Tarihin kırılma noktalarını anlatan eserler genelde zamanın da durduğu ve
olayların örgüsü bütün zamanlara uyarlanacak gibidir. İnsan tepkisi, kriz koşullarında
bireyin savrulması, kaosun içinde çaresizlik ve çıkış yollarının aranmasının
zamanı yok gibidir. Birbirine benzer ya da anımsatan zamanlarda hep o geçmişin
duygusu yeniden canlanır, benzer tepkiler verilir olur. Bireyler değişmiştir
ama olayın akışı sanki aynı dere yatağından akan su gibidir.

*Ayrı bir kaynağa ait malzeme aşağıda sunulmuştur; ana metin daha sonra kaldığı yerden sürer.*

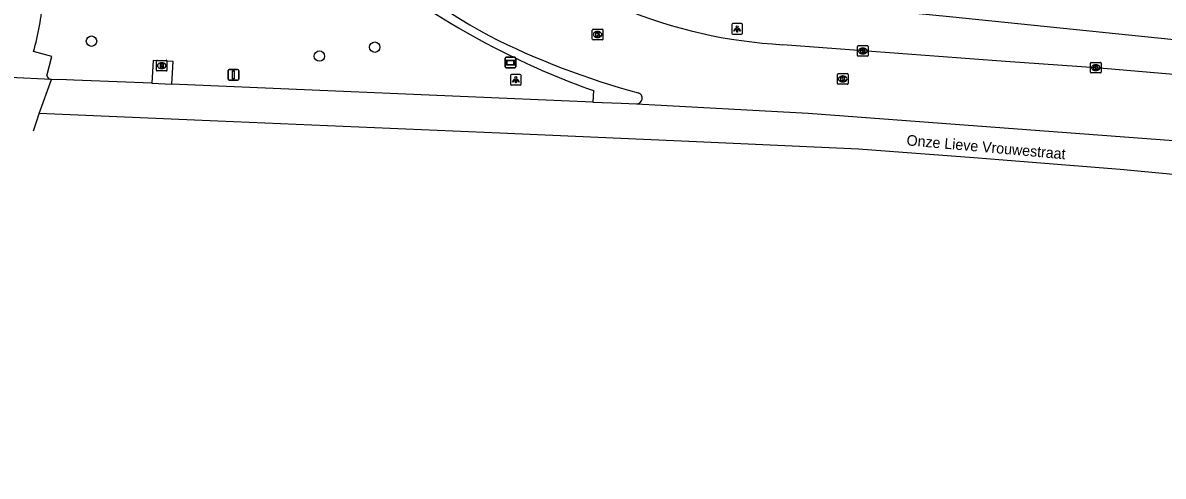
# Model space of a CAD drawing. Extents: x 161761 to 162722, y 384793 to 385405.
# Drawn here: x 161827 to 161934.4, y 384835.7 to 384878.3 of the extents above; entities that cross this region are included whole.
import ezdxf

# ---------------------------------------------------------------- set-up
doc = ezdxf.new("R2010")
doc.units = 0
for name, color, linetype in [('IMGEO_Berm_gesloten', 7, 'Continuous'), ('IMGEO_Berm_groen', 7, 'Continuous'), ('IMGEO_Boom', 7, 'Continuous'), ('IMGEO_Brandkraan', 7, 'Continuous'), ('IMGEO_Fietspad_open', 7, 'Continuous'), ('IMGEO_Kolk', 7, 'Continuous'), ('IMGEO_Lichtpunt', 7, 'Continuous'), ('IMGEO_Openbare_ruimte_label', 7, 'Continuous'), ('IMGEO_Rijbaan_lokaal_open', 7, 'Continuous'), ('IMGEO_Rijbaan_regionaal_gesloten', 7, 'Continuous'), ('IMGEO_Verkeersbord', 7, 'Continuous'), ('IMGEO_Verkeersbordpaal', 7, 'Continuous'), ('IMGEO_Voetpad_open', 7, 'Continuous')]:
    doc.layers.add(name, color=color, linetype=linetype)

msp = doc.modelspace()

# ---------------------------------------------------------------- linework, layer by layer
at = {"layer": 'IMGEO_Berm_gesloten'}
msp.add_lwpolyline([(161880.71, 384871.94), (161880.65, 384870.85)], dxfattribs=at)
for centre, radius, start, end in [((161908.71, 384947.96), 81.08, 232.3709, 243.2705), ((161904.94, 384940.73), 72.93, 243.365, 250.596)]:
    msp.add_arc(centre, radius, start, end, dxfattribs=at)
at = {"layer": 'IMGEO_Berm_groen'}
msp.add_lwpolyline([(161841.02, 384872.55), (161841.14, 384874.68), (161839.27, 384874.75), (161839.14, 384872.62)], dxfattribs=at)
at = {"layer": 'IMGEO_Boom'}
for centre in [(161833.45, 384876.58), (161860.12, 384876.02), (161854.91, 384875.18)]:
    msp.add_circle(centre, 0.489, dxfattribs=at)
at = {"layer": 'IMGEO_Brandkraan'}
for p, q in [((161839.56, 384873.86), (161839.56, 384874.71)), ((161839.64, 384874.78), (161840.49, 384874.78)), ((161840.56, 384874.71), (161840.56, 384873.86)), ((161840.49, 384873.78), (161839.64, 384873.78)), ((161840.05, 384874.56), (161840.08, 384874.56)), ((161840.07, 384874), (161840.05, 384874))]:
    msp.add_line(p, q, dxfattribs=at)
for points in [[(161839.56, 384873.86), (161839.56, 384874.71)], [(161839.64, 384874.78), (161840.49, 384874.78)], [(161840.56, 384874.71), (161840.56, 384873.86)], [(161840.49, 384873.78), (161839.64, 384873.78)], [(161839.91, 384874.48), (161839.91, 384874.08), (161840.12, 384874.08)], [(161840.14, 384874.48), (161839.91, 384874.48)], [(161840.09, 384874.4), (161840.03, 384874.4), (161840.03, 384874.33)], [(161840.03, 384874.33), (161840.09, 384874.33)], [(161840.1, 384874.25), (161840.03, 384874.25), (161840.03, 384874.17)], [(161840.03, 384874.17), (161840.1, 384874.17)]]:
    msp.add_lwpolyline(points, dxfattribs=at)
for centre, radius, start, end in [((161839.64, 384874.71), 0.0765, 91.552, 178.448), ((161839.64, 384874.71), 0.0765, 91.552, 178.448), ((161840.49, 384874.71), 0.0765, 1.552, 88.448), ((161840.49, 384874.71), 0.0765, 1.552, 88.448), ((161839.64, 384873.86), 0.0765, 181.552, 268.448), ((161839.64, 384873.86), 0.0765, 181.552, 268.448), ((161840.09, 384874.36), 0.0379, 267.8285, 90.9355), ((161840.1, 384874.21), 0.0404, 269.8759, 90.5077), ((161840.13, 384874.33), 0.251, 268.6676, 293.5347), ((161840.15, 384874.34), 0.145, 59.4692, 91.5367), ((161840.17, 384874.38), 0.0922, 285.5137, 58.1501), ((161840.17, 384874.19), 0.105, 301.3115, 78.989), ((161840.49, 384873.86), 0.0765, 271.552, 358.448), ((161840.49, 384873.86), 0.0765, 271.552, 358.448)]:
    msp.add_arc(centre, radius, start, end, dxfattribs=at)
for centre, major_axis, ratio, start_param, end_param in [((161840.05, 384874.28), (-0.387, 0.002), 0.722429, 4.712389, 7.853982), ((161840.07, 384874.28), (-0.39, 0.002), 0.717154, 1.570796, 4.712389)]:
    msp.add_ellipse(centre, major_axis=major_axis, ratio=ratio, start_param=start_param, end_param=end_param, dxfattribs=at)
at = {"layer": 'IMGEO_Fietspad_open'}
msp.add_lwpolyline([(162087.85, 384861.72), (162070.85, 384863.31), (162058.33, 384864.51), (162006.51, 384869.45), (161914.24, 384878.87), (161906.24, 384879.67)], dxfattribs=at)
at = {"layer": 'IMGEO_Kolk'}
for p, q in [((161880.61, 384876.78), (161880.61, 384877.63)), ((161880.69, 384877.71), (161881.54, 384877.71)), ((161881.1, 384877.49), (161881.12, 384877.49)), ((161881.12, 384876.93), (161881.1, 384876.93)), ((161881.61, 384877.63), (161881.61, 384876.78)), ((161881.54, 384876.71), (161880.69, 384876.71)), ((161905.59, 384875.23), (161905.59, 384876.08)), ((161905.66, 384876.16), (161906.51, 384876.16)), ((161906.07, 384875.94), (161906.1, 384875.94)), ((161906.59, 384876.08), (161906.59, 384875.23)), ((161906.51, 384875.16), (161905.66, 384875.16)), ((161906.1, 384875.38), (161906.07, 384875.38)), ((161927.52, 384873.66), (161927.52, 384874.52)), ((161927.6, 384874.59), (161928.45, 384874.59)), ((161928.45, 384873.59), (161927.6, 384873.59)), ((161928.01, 384874.37), (161928.04, 384874.37)), ((161928.03, 384873.81), (161928.01, 384873.81)), ((161928.52, 384874.52), (161928.52, 384873.66)), ((161903.69, 384872.6), (161903.69, 384873.46)), ((161903.77, 384873.53), (161904.62, 384873.53)), ((161904.62, 384872.53), (161903.77, 384872.53)), ((161904.18, 384873.31), (161904.21, 384873.31)), ((161904.2, 384872.75), (161904.18, 384872.75)), ((161904.7, 384873.46), (161904.7, 384872.6))]:
    msp.add_line(p, q, dxfattribs=at)
for points in [[(161880.61, 384876.78), (161880.61, 384877.63)], [(161880.69, 384877.71), (161881.54, 384877.71)], [(161880.93, 384877.41), (161881.06, 384877.41), (161881.06, 384877.26), (161881.18, 384877.41), (161881.35, 384877.41), (161881.2, 384877.26), (161881.36, 384877.01), (161881.2, 384877.01), (161881.12, 384877.17), (161881.06, 384877.11), (161881.06, 384877.01), (161880.93, 384877.01), (161880.93, 384877.41)], [(161881.61, 384877.63), (161881.61, 384876.78)], [(161881.54, 384876.71), (161880.69, 384876.71)], [(161905.59, 384875.23), (161905.59, 384876.08)], [(161905.66, 384876.16), (161906.51, 384876.16)], [(161905.91, 384875.86), (161906.03, 384875.86), (161906.03, 384875.71), (161906.16, 384875.86), (161906.32, 384875.86), (161906.18, 384875.71), (161906.33, 384875.46), (161906.18, 384875.46), (161906.09, 384875.62), (161906.03, 384875.56), (161906.03, 384875.46), (161905.91, 384875.46), (161905.91, 384875.86)], [(161906.59, 384876.08), (161906.59, 384875.23)], [(161906.51, 384875.16), (161905.66, 384875.16)], [(161927.52, 384873.66), (161927.52, 384874.52)], [(161927.6, 384874.59), (161928.45, 384874.59)], [(161928.45, 384873.59), (161927.6, 384873.59)], [(161927.84, 384874.29), (161927.97, 384874.29), (161927.97, 384874.14), (161928.1, 384874.29), (161928.26, 384874.29), (161928.12, 384874.14), (161928.27, 384873.89), (161928.12, 384873.89), (161928.03, 384874.05), (161927.97, 384873.99), (161927.97, 384873.89), (161927.84, 384873.89), (161927.84, 384874.29)], [(161928.52, 384874.52), (161928.52, 384873.66)], [(161903.69, 384872.6), (161903.69, 384873.46)], [(161903.77, 384873.53), (161904.62, 384873.53)], [(161904.62, 384872.53), (161903.77, 384872.53)], [(161904.01, 384873.23), (161904.14, 384873.23), (161904.14, 384873.08), (161904.27, 384873.23), (161904.43, 384873.23), (161904.29, 384873.08), (161904.44, 384872.83), (161904.29, 384872.83), (161904.2, 384872.99), (161904.14, 384872.93), (161904.14, 384872.83), (161904.01, 384872.83), (161904.01, 384873.23)], [(161904.7, 384873.46), (161904.7, 384872.6)]]:
    msp.add_lwpolyline(points, dxfattribs=at)
for centre, start, end in [((161880.69, 384877.63), 91.552, 178.448), ((161880.69, 384877.63), 91.552, 178.448), ((161880.69, 384876.78), 181.552, 268.448), ((161880.69, 384876.78), 181.552, 268.448), ((161881.54, 384877.63), 1.552, 88.448), ((161881.54, 384877.63), 1.552, 88.448), ((161881.54, 384876.78), 271.552, 358.448), ((161881.54, 384876.78), 271.552, 358.448), ((161905.66, 384876.08), 91.552, 178.448), ((161905.66, 384876.08), 91.552, 178.448), ((161906.51, 384876.08), 1.552, 88.448), ((161906.51, 384876.08), 1.552, 88.448), ((161905.66, 384875.23), 181.552, 268.448), ((161905.66, 384875.23), 181.552, 268.448), ((161906.51, 384875.23), 271.552, 358.448), ((161906.51, 384875.23), 271.552, 358.448), ((161927.6, 384874.51), 91.552, 178.448), ((161927.6, 384874.51), 91.552, 178.448), ((161927.6, 384873.67), 181.552, 268.448), ((161927.6, 384873.67), 181.552, 268.448), ((161928.45, 384874.51), 1.552, 88.448), ((161928.45, 384874.51), 1.552, 88.448), ((161928.45, 384873.67), 271.552, 358.448), ((161928.45, 384873.67), 271.552, 358.448), ((161903.77, 384873.45), 91.552, 178.448), ((161903.77, 384873.45), 91.552, 178.448), ((161903.77, 384872.6), 181.552, 268.448), ((161903.77, 384872.6), 181.552, 268.448), ((161904.62, 384873.45), 1.552, 88.448), ((161904.62, 384873.45), 1.552, 88.448), ((161904.62, 384872.6), 271.552, 358.448), ((161904.62, 384872.6), 271.552, 358.448)]:
    msp.add_arc(centre, 0.0765, start, end, dxfattribs=at)
for centre, major_axis, ratio, start_param, end_param in [((161881.1, 384877.21), (-0.387, 0.002), 0.722429, 4.712389, 7.853982), ((161881.12, 384877.21), (-0.39, 0.002), 0.717154, 1.570796, 4.712389), ((161906.07, 384875.66), (-0.387, 0.002), 0.722429, 4.712389, 7.853982), ((161906.1, 384875.66), (-0.39, 0.002), 0.717154, 1.570796, 4.712389), ((161928.01, 384874.09), (-0.387, 0.002), 0.722429, 4.712389, 7.853982), ((161928.03, 384874.09), (-0.39, 0.002), 0.717154, 1.570796, 4.712389), ((161904.18, 384873.03), (-0.387, 0.002), 0.722429, 4.712389, 7.853982), ((161904.21, 384873.03), (-0.39, 0.002), 0.717154, 1.570796, 4.712389)]:
    msp.add_ellipse(centre, major_axis=major_axis, ratio=ratio, start_param=start_param, end_param=end_param, dxfattribs=at)
at = {"layer": 'IMGEO_Lichtpunt'}
for p, q in [((161893.75, 384878.14), (161893.75, 384877.33)), ((161893.75, 384878.14), (161893.75, 384877.33)), ((161894.65, 384878.23), (161893.85, 384878.23)), ((161894.65, 384878.23), (161893.85, 384878.23)), ((161894.75, 384877.33), (161894.75, 384878.14)), ((161894.75, 384877.33), (161894.75, 384878.14)), ((161893.85, 384877.23), (161894.65, 384877.23)), ((161893.85, 384877.23), (161894.65, 384877.23)), ((161872.91, 384873.36), (161872.91, 384872.55)), ((161872.91, 384873.36), (161872.91, 384872.55)), ((161873.81, 384873.46), (161873, 384873.46)), ((161873.81, 384873.46), (161873, 384873.46)), ((161873.9, 384872.55), (161873.9, 384873.36)), ((161873.9, 384872.55), (161873.9, 384873.36)), ((161873, 384872.46), (161873.81, 384872.46)), ((161873, 384872.46), (161873.81, 384872.46))]:
    msp.add_line(p, q, dxfattribs=at)
for points in [[(161894.13, 384877.8), (161894.17, 384877.77), (161893.98, 384877.51), (161893.94, 384877.54), (161894.13, 384877.8)], [(161894.23, 384877.75), (161894.28, 384877.75), (161894.28, 384877.43), (161894.23, 384877.43), (161894.23, 384877.75)], [(161894.34, 384877.77), (161894.38, 384877.8), (161894.56, 384877.54), (161894.53, 384877.51), (161894.34, 384877.77)], [(161873.28, 384873.02), (161873.32, 384873), (161873.13, 384872.73), (161873.09, 384872.76), (161873.28, 384873.02)], [(161873.38, 384872.98), (161873.43, 384872.98), (161873.43, 384872.65), (161873.38, 384872.65), (161873.38, 384872.98)], [(161873.49, 384873), (161873.53, 384873.02), (161873.72, 384872.76), (161873.68, 384872.73), (161873.49, 384873)]]:
    msp.add_lwpolyline(points, dxfattribs=at)
for centre in [(161894.25, 384877.93), (161873.41, 384873.16)]:
    msp.add_circle(centre, 0.0994, dxfattribs=at)
for centre, start, end in [((161893.85, 384878.14), 90, 180), ((161893.85, 384878.14), 90, 180), ((161894.65, 384878.14), 0, 90), ((161894.65, 384878.14), 0, 90), ((161893.85, 384877.33), 180, 270), ((161893.85, 384877.33), 180, 270), ((161894.65, 384877.33), 270, 0), ((161894.65, 384877.33), 270, 360), ((161873, 384873.36), 90, 180), ((161873, 384873.36), 90, 180), ((161873, 384872.55), 180, 270), ((161873, 384872.55), 180, 270), ((161873.81, 384873.36), 0, 90), ((161873.81, 384873.36), 0, 90), ((161873.81, 384872.55), 270, 0), ((161873.81, 384872.55), 270, 360)]:
    msp.add_arc(centre, 0.0946, start, end, dxfattribs=at)
at = {"layer": 'IMGEO_Rijbaan_lokaal_open'}
msp.add_lwpolyline([(162015.56, 384865.32), (162012.89, 384865.62), (161993.71, 384867.66), (161971.83, 384869.89), (161969.95, 384870.08), (161949.95, 384872.11), (161939.02, 384873.12), (161928.02, 384874.09), (161919.53, 384874.68), (161906.09, 384875.66), (161898.54, 384876.25)], dxfattribs=at)
for centre, radius, start, end in [((161910.34, 384948.65), 81.71, 218.2725, 241.1078), ((161901.15, 384922.77), 46.59, 247.6945, 266.7853), ((161904.66, 384944.41), 75.32, 243.3312, 254.8239), ((161884.78, 384871.22), 0.528, 269.5476, 72.0508)]:
    msp.add_arc(centre, radius, start, end, dxfattribs=at)
at = {"layer": 'IMGEO_Rijbaan_regionaal_gesloten'}
for points in [[(161829.68, 384872.97), (161825.76, 384873.17), (161825.55, 384873.18), (161824.96, 384873.2)], [(161828.53, 384869.77), (161829.68, 384872.97)], [(161839.14, 384872.62), (161831.78, 384872.93), (161831.09, 384872.95), (161829.68, 384872.97)], [(161839.14, 384872.62), (161841.02, 384872.55)], [(161880.65, 384870.85), (161841.02, 384872.55)], [(161880.65, 384870.85), (161883.32, 384870.74), (161884.78, 384870.69)], [(161884.78, 384870.69), (161900.93, 384869.81), (161935.34, 384867.25), (161968.21, 384864.01), (162017.32, 384858.79), (162045.97, 384856.08), (162098.22, 384850.79)], [(161827.99, 384868.14), (161828.33, 384869.18), (161828.53, 384869.77)], [(162214.26, 384835.67), (162195.97, 384837.38), (162185.76, 384838.42), (162169.22, 384840.27), (162133.93, 384843.72), (162120.63, 384845.08), (162091.94, 384848.02), (162044.9, 384852.97), (162005.21, 384856.92), (161970.02, 384860.62), (161942.92, 384863.32), (161930.32, 384864.52), (161916.53, 384865.62), (161905.68, 384866.42), (161890.43, 384867.12), (161871.89, 384867.92), (161845.34, 384869.07), (161828.53, 384869.77), (161828.53, 384869.77)]]:
    msp.add_lwpolyline(points, dxfattribs=at)
at = {"layer": 'IMGEO_Verkeersbord'}
for p, q in [((161872.41, 384874.17), (161872.41, 384874.97)), ((161872.41, 384874.97), (161872.41, 384874.17)), ((161872.51, 384875.07), (161873.3, 384875.07)), ((161873.3, 384875.07), (161872.51, 384875.07)), ((161873.4, 384874.97), (161873.4, 384874.17)), ((161873.4, 384874.17), (161873.4, 384874.97)), ((161873.3, 384874.07), (161872.51, 384874.07)), ((161872.51, 384874.07), (161873.3, 384874.07))]:
    msp.add_line(p, q, dxfattribs=at)
for points in [[(161872.51, 384874.8), (161873.3, 384874.8), (161873.3, 384874.33), (161872.51, 384874.33), (161872.51, 384874.8)], [(161872.57, 384874.73), (161872.57, 384874.4), (161873.23, 384874.4), (161873.23, 384874.73), (161872.57, 384874.73)]]:
    msp.add_lwpolyline(points, dxfattribs=at)
for centre, start, end in [((161872.51, 384874.97), 90, 180), ((161872.51, 384874.97), 90, 180), ((161873.3, 384874.97), 0, 90), ((161873.3, 384874.97), 360, 90), ((161872.51, 384874.17), 180, 270), ((161872.51, 384874.17), 180, 270), ((161873.3, 384874.17), 270, 0), ((161873.3, 384874.17), 270, 0)]:
    msp.add_arc(centre, 0.1, start, end, dxfattribs=at)
at = {"layer": 'IMGEO_Verkeersbordpaal'}
for p, q in [((161846.33, 384873.02), (161846.33, 384873.82)), ((161846.33, 384873.82), (161846.33, 384873.02)), ((161846.43, 384873.92), (161847.21, 384873.92)), ((161847.21, 384873.92), (161846.43, 384873.92)), ((161847.31, 384873.82), (161847.31, 384873.02)), ((161847.31, 384873.02), (161847.31, 384873.82)), ((161847.21, 384872.92), (161846.43, 384872.92)), ((161846.43, 384872.92), (161847.21, 384872.92))]:
    msp.add_line(p, q, dxfattribs=at)
msp.add_lwpolyline([(161846.74, 384873.8), (161846.9, 384873.8), (161846.9, 384873.05), (161846.74, 384873.05), (161846.74, 384873.8)], dxfattribs=at)
for centre, start, end in [((161846.43, 384873.82), 90, 180), ((161846.43, 384873.82), 90, 180), ((161847.21, 384873.82), 0, 90), ((161847.21, 384873.82), 360, 90), ((161846.43, 384873.02), 180, 270), ((161846.43, 384873.02), 180, 270), ((161847.21, 384873.02), 270, 0), ((161847.21, 384873.02), 270, 0)]:
    msp.add_arc(centre, 0.1, start, end, dxfattribs=at)
at = {"layer": 'IMGEO_Voetpad_open'}
msp.add_lwpolyline([(161829.24, 384873.33), (161829.71, 384875.14), (161828, 384875.6)], dxfattribs=at)
for centre, radius, start, end in [((161803.39, 384882.58), 25.58, 344.1717, 355.3013), ((161829.75, 384873.5), 0.537, 198.4643, 262.999)]:
    msp.add_arc(centre, radius, start, end, dxfattribs=at)

# ---------------------------------------------------------------- texts
at = {"layer": 'IMGEO_Openbare_ruimte_label'}
msp.add_text('Onze Lieve Vrouwestraat', height=1, rotation=354.9508, dxfattribs=at).set_placement((161910.17, 384866.79))

doc.saveas('drawing.dxf')

İvan SergeyeviçTurgenyev, nihilizmin öznelinde tartıştığı ama bir geçiş ya da
kırılma anının romanı olan Babalar ve Oğullar Nesrin Kazankaya çevirisi ile
yine çevirenin uyarlaması ve yönetmesi ile sahnede kelimelerin vücut bulmuş
haline şahitlik ettim.
Romanın geçtiği dönem, köylülerin yaşamını olduğu gibi değiştirdiği bir
süreçtir, aynı zamanda yaşanan bir pandemi söz konusudur… Tam teşhis
konulamamış hastalık yüzünden ölen insanlar vardır. Geleneksel ilişkilerin
parçalanması, aristokrasinin hayal kırıklı ve geçmişe özlem bir aşk ile
simgeleştiği bir süreç. Yükselmekte olan burjuvazinin köy yaşamına etkisi de
üstü kapalı olarak sunulur. Romanda reformist akımla, radikal akımın
çatışmasından oluşan nihilizmi vurgular.
Bazarov, nihilizmi savunan bir tıp öğrencisidir. Okuduğu okulda dergi
çıkarmakta, o konuda donanımlıdır. İnanıyor ve inancına uygun geleneksel
ilişkilere karşı tepkiseldir. Başkaldırının ve burjuva yaşamının üstü kapalı
temsilcisidir. Burjuvazi feodal düzende oluşan tüm ilişikleri radikal biçimde
yıkarken yerine yeni yaşamında oluşturmuyor, zamanın içinde çelişkiler içinde
oluşumuna tanıklık ediyoruz. Çelişki, çatışmanın bir yansımasıdır. Barış
Yalçınsoy bu çatışmayı o kadar güzel bir şekilde yaşıyor ki, gerek mimikleri,
gerek davranışı, tepkisel duruşunu vücudunun diline yansıttığını görüyoruz…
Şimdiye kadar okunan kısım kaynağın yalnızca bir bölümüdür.